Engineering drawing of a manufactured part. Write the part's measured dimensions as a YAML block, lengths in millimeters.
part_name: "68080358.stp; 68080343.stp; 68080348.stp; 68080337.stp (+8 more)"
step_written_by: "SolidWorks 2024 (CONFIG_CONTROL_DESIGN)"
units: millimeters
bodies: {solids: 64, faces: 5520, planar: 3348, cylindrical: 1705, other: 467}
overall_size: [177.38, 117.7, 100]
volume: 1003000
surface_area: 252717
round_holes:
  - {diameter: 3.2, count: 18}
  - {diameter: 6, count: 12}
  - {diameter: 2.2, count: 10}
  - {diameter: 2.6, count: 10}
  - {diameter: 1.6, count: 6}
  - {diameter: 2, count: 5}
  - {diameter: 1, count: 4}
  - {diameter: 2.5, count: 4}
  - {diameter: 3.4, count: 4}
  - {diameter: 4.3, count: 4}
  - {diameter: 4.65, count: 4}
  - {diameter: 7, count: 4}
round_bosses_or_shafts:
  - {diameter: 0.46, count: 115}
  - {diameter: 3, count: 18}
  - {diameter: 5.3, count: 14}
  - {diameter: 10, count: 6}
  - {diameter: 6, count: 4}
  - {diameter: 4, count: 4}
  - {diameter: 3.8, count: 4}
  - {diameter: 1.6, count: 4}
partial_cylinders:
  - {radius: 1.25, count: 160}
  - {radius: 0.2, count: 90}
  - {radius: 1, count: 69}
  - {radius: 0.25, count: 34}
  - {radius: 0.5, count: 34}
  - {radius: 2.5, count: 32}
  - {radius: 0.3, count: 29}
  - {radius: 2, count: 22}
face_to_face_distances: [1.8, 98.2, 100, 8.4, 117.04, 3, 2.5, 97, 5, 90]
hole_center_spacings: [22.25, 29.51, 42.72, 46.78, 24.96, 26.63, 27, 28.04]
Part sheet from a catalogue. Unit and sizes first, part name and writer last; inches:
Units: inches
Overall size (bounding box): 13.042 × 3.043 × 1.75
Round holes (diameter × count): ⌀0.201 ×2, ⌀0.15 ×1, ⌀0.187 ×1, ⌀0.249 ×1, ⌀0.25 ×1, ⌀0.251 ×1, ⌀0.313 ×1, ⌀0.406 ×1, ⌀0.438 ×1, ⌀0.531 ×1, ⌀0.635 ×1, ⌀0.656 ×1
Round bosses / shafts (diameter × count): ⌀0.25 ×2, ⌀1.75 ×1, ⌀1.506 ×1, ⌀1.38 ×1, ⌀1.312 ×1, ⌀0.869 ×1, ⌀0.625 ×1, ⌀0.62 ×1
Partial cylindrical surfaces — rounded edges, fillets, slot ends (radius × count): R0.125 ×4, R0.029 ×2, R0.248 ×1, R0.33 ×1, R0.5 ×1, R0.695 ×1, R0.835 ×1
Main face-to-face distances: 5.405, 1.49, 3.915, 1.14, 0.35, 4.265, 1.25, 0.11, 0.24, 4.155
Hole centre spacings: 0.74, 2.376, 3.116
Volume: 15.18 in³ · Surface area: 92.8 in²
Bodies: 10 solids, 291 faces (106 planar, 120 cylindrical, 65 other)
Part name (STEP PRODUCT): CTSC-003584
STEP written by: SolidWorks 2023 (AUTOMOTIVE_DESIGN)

...

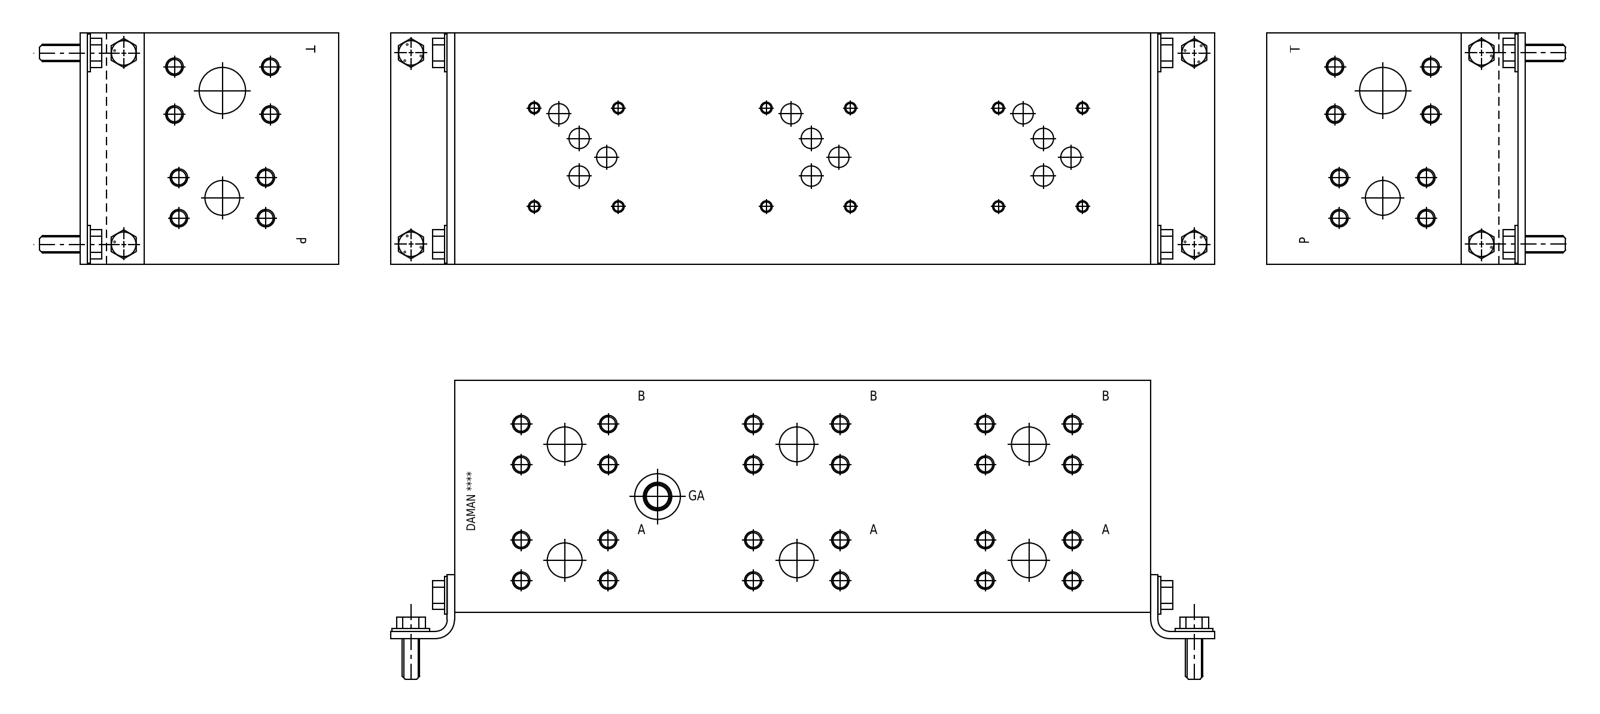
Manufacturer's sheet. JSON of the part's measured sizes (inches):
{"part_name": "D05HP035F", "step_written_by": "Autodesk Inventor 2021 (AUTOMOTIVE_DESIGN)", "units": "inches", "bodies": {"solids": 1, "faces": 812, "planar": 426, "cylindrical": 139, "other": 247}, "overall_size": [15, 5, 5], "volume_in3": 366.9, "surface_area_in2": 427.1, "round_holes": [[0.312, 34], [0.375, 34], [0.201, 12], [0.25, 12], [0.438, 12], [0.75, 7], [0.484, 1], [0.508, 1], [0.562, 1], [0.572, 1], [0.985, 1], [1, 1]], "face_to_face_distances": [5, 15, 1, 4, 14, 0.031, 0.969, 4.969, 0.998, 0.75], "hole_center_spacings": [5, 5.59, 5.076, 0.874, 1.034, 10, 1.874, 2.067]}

...

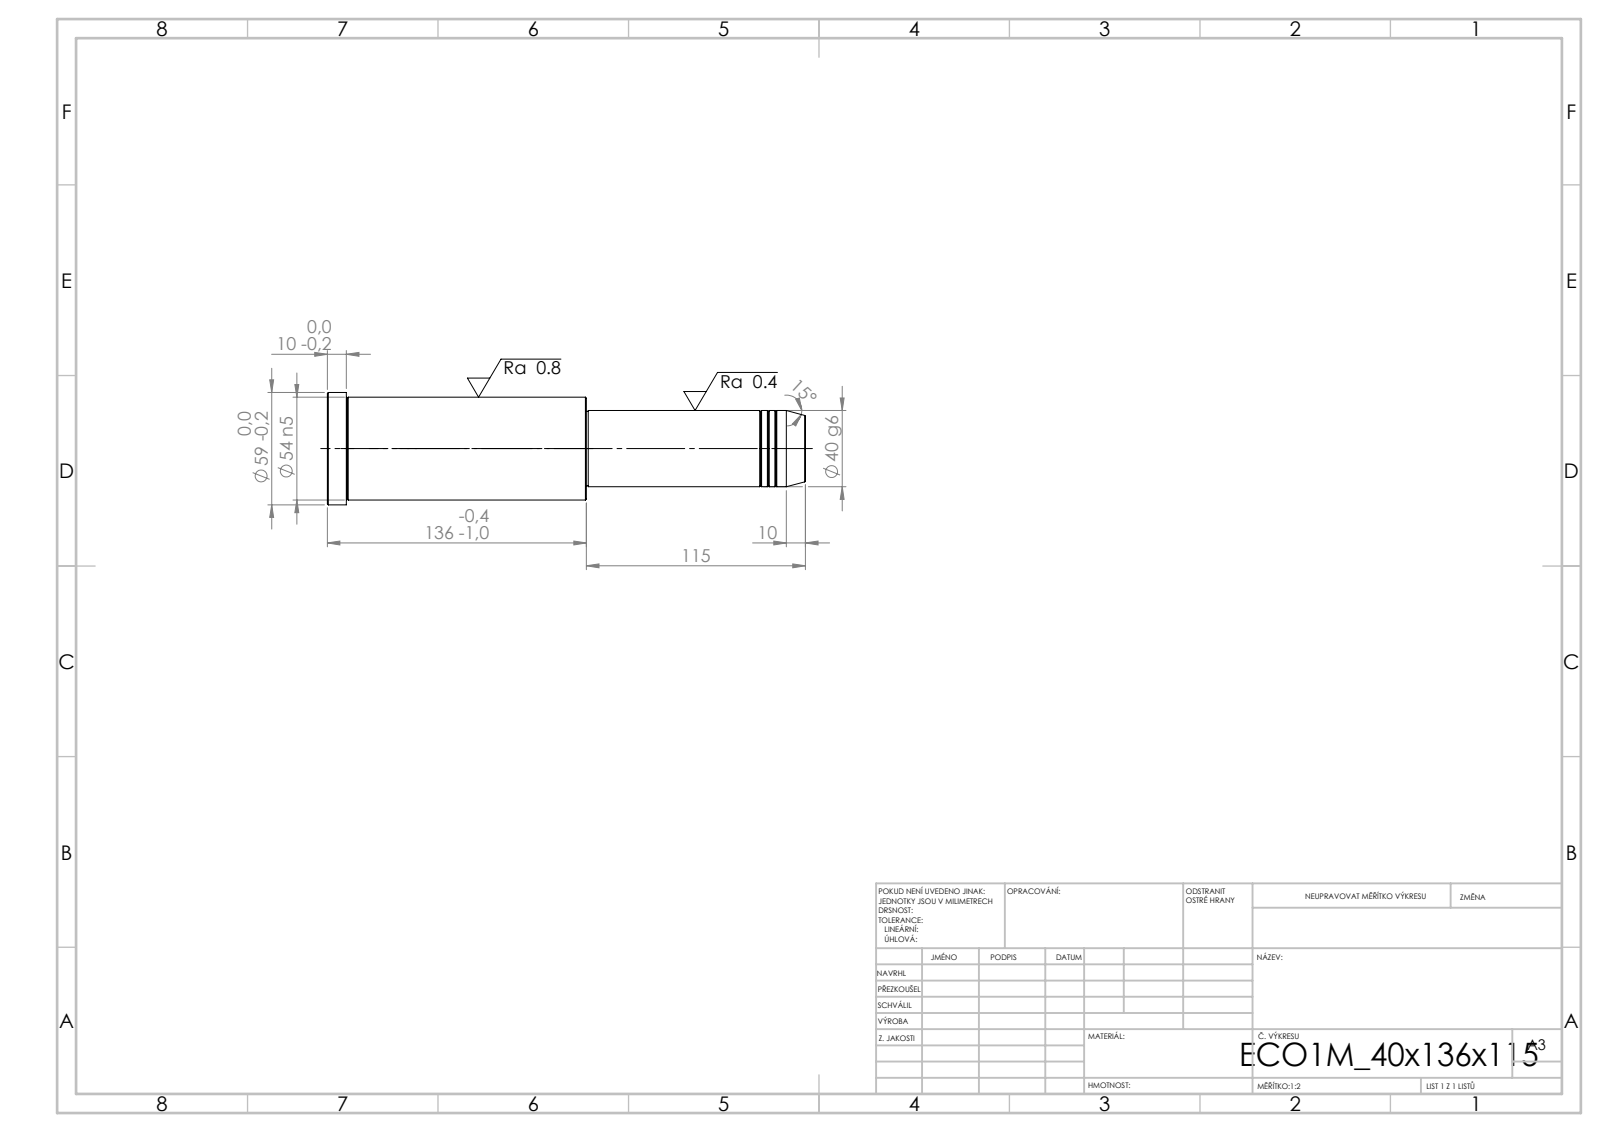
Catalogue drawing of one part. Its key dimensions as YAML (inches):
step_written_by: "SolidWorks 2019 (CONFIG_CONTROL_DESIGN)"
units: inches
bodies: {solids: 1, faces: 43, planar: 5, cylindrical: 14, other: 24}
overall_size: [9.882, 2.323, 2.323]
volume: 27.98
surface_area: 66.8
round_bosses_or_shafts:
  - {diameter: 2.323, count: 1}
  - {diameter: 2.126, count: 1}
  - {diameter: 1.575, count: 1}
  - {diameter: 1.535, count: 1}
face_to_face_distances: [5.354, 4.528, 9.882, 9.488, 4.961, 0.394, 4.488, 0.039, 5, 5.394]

ABOUT THIS EXERCISE - I need every line from the material that contains the word "drawing".

WORKED SOLUTION -
Engineering drawing of a manufactured part. Write the part's measured dimensions as a YAML block, lengths in millimeters.
Catalogue drawing of one part. Its key dimensions as YAML (inches):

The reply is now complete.